[Provided records — start]

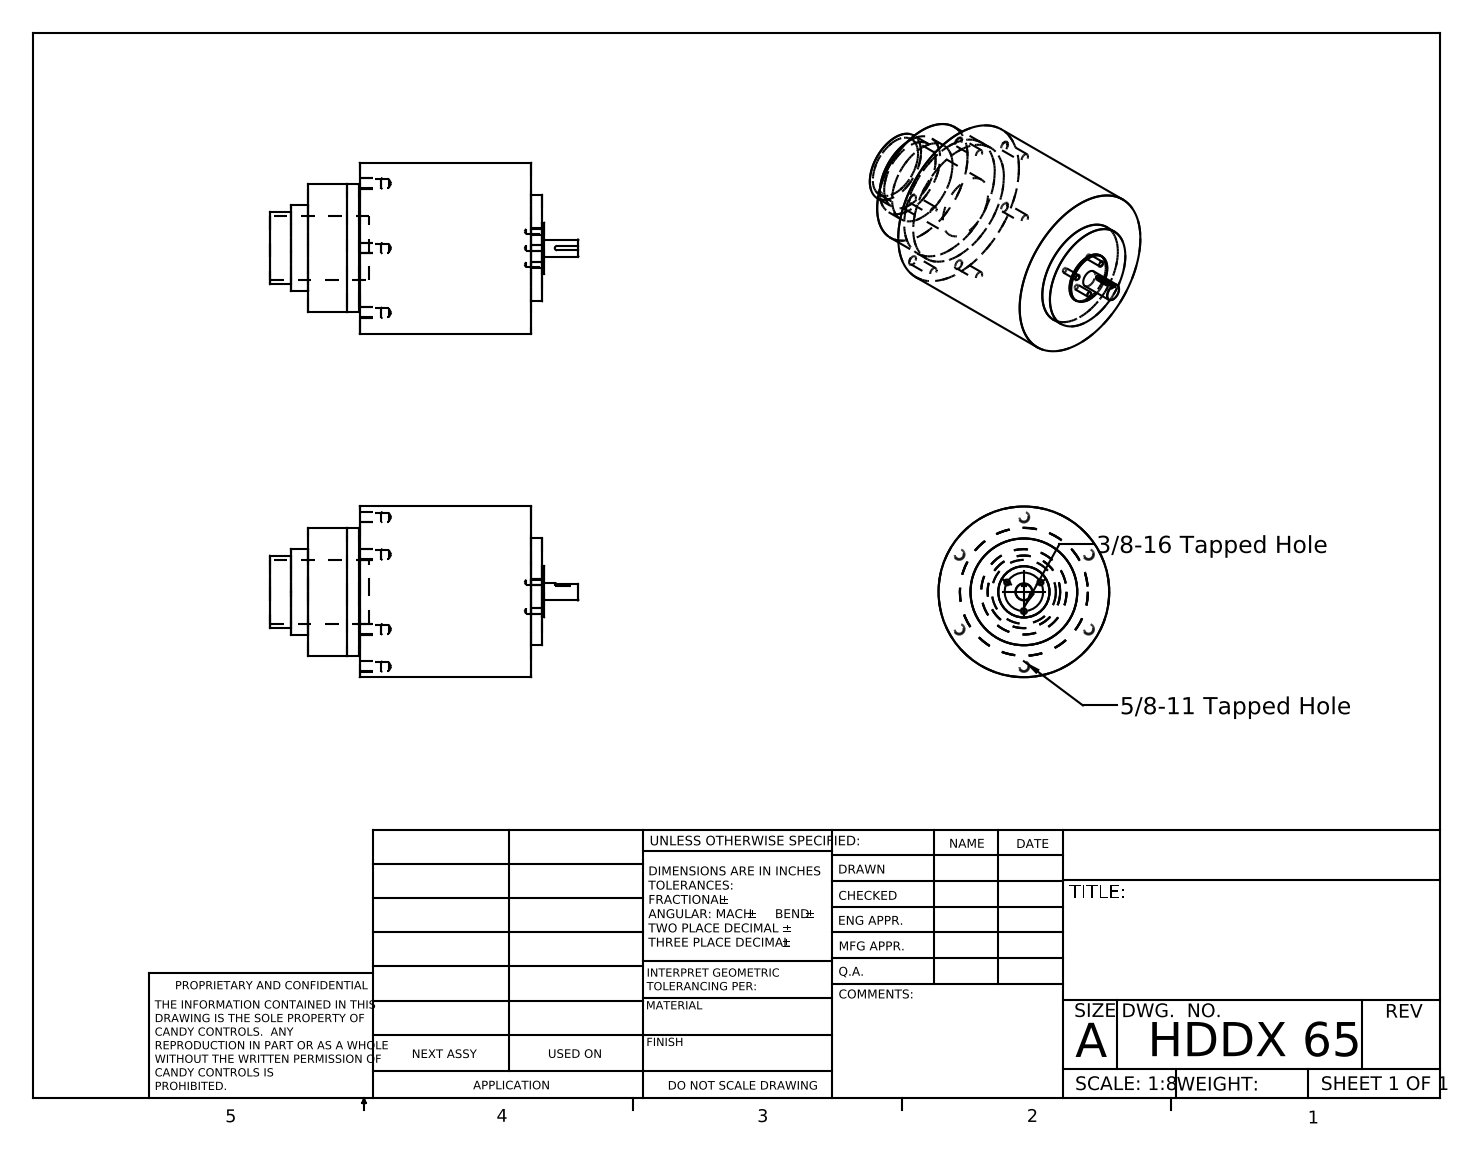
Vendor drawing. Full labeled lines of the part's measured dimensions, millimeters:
Part name (STEP PRODUCT): HDDX 65
STEP written by: SolidWorks 2010 (CONFIG_CONTROL_DESIGN)
Units: millimetres
Bodies: 1 solid, 98 faces (12 planar, 37 cylindrical, 49 other)
Overall size (bounding box): 458.2 × 254 × 254
Volume: 15 000 000 mm³ · Surface area: 441 400 mm²
Round holes (diameter × count): ⌀13.5 ×6, ⌀8 ×3, ⌀95 ×1
Round bosses / shafts (diameter × count): ⌀254 ×1, ⌀190.5 ×1, ⌀190.2 ×1, ⌀158.8 ×1, ⌀127 ×1, ⌀108 ×1, ⌀76.2 ×1, ⌀25.4 ×1
Partial cylindrical surfaces — rounded edges, fillets, slot ends (radius × count): R3.2 ×1
Main face-to-face distances: 255.5, 76.2, 331.7, 347.7, 271.5, 16, 90.7, 14.5, 241, 257
Hole centre spacings: 111.1, 99.9, 111.1, 127.8, 192.5, 82.6, 28.6, 49.5

[Provided records — finish]

:: Your instructions ::
What you should produce is an exact copy of the records, with the pictures left out.

:: The completed task ::
Vendor drawing. Full labeled lines of the part's measured dimensions, millimeters:
Part name (STEP PRODUCT): HDDX 65
STEP written by: SolidWorks 2010 (CONFIG_CONTROL_DESIGN)
Units: millimetres
Bodies: 1 solid, 98 faces (12 planar, 37 cylindrical, 49 other)
Overall size (bounding box): 458.2 × 254 × 254
Volume: 15 000 000 mm³ · Surface area: 441 400 mm²
Round holes (diameter × count): ⌀13.5 ×6, ⌀8 ×3, ⌀95 ×1
Round bosses / shafts (diameter × count): ⌀254 ×1, ⌀190.5 ×1, ⌀190.2 ×1, ⌀158.8 ×1, ⌀127 ×1, ⌀108 ×1, ⌀76.2 ×1, ⌀25.4 ×1
Partial cylindrical surfaces — rounded edges, fillets, slot ends (radius × count): R3.2 ×1
Main face-to-face distances: 255.5, 76.2, 331.7, 347.7, 271.5, 16, 90.7, 14.5, 241, 257
Hole centre spacings: 111.1, 99.9, 111.1, 127.8, 192.5, 82.6, 28.6, 49.5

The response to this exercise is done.